__TASK INSTRUCTIONS__. Give back exactly the line that contains "#65522 = VECTOR ( 'NONE', #42511, 1000. ) ;" and all the lines after it in the records below, to the very last, with no other output.

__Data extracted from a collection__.
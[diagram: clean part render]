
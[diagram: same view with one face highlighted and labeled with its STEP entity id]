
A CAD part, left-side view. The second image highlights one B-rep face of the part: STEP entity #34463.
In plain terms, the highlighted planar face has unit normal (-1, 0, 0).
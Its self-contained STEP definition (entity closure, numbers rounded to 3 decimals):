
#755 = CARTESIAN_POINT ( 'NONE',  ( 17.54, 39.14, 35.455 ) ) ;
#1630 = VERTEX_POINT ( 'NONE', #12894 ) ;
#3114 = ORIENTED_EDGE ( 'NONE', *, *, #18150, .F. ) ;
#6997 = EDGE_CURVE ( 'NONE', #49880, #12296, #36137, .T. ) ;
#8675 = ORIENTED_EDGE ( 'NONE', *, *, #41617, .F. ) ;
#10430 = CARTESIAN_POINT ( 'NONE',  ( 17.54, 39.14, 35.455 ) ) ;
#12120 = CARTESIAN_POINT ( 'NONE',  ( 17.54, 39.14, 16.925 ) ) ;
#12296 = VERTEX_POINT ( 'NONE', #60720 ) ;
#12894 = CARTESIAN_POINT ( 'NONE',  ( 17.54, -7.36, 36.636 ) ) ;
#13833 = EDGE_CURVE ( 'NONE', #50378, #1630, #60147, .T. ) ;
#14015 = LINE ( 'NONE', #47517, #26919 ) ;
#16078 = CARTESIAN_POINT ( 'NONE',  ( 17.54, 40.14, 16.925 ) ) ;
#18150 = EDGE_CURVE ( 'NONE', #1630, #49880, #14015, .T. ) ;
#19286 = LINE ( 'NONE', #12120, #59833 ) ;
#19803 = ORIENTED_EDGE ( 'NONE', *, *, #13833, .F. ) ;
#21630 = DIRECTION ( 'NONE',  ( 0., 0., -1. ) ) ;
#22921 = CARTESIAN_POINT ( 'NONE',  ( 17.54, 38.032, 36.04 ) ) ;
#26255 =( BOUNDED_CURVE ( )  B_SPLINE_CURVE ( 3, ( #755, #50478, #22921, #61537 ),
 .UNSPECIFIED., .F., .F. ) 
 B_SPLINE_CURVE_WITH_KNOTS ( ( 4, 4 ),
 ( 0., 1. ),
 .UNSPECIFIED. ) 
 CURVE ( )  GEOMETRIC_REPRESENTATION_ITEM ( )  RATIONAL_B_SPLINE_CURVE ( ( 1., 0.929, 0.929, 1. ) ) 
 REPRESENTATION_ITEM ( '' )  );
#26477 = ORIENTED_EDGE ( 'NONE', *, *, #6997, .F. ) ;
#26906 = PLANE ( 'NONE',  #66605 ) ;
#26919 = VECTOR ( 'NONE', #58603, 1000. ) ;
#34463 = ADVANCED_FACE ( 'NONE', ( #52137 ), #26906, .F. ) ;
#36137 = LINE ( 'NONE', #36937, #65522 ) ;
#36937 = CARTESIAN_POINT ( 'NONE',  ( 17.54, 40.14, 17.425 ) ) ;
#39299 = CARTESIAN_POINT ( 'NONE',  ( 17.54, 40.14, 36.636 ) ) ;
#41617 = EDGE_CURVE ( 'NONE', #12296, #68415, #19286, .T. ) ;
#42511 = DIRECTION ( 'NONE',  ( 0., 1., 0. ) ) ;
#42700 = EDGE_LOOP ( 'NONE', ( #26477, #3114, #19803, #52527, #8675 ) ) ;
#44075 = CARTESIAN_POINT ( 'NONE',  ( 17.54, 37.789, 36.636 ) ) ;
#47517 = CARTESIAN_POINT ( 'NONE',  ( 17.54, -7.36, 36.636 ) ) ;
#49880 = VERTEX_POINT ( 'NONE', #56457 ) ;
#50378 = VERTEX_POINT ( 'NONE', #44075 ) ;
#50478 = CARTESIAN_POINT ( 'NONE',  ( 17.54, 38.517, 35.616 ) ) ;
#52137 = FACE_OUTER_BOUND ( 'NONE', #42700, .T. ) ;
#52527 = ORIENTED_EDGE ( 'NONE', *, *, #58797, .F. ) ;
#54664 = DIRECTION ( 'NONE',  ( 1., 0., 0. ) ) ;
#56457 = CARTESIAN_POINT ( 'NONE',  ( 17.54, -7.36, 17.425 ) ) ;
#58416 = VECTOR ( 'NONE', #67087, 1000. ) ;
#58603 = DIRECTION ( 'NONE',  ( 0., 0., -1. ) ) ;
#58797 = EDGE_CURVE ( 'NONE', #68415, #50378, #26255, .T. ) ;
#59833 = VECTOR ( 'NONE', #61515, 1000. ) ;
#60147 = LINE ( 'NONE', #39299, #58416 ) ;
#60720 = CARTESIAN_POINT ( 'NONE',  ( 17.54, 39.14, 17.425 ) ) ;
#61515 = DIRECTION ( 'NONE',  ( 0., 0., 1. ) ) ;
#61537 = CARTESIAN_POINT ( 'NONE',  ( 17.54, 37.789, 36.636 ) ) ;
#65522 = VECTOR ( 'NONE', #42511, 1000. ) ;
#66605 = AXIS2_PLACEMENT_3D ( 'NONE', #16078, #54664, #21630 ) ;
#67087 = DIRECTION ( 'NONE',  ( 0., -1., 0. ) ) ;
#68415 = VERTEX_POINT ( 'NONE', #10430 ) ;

__REPLY TO THE TASK__.
#65522 = VECTOR ( 'NONE', #42511, 1000. ) ;
#66605 = AXIS2_PLACEMENT_3D ( 'NONE', #16078, #54664, #21630 ) ;
#67087 = DIRECTION ( 'NONE',  ( 0., -1., 0. ) ) ;
#68415 = VERTEX_POINT ( 'NONE', #10430 ) ;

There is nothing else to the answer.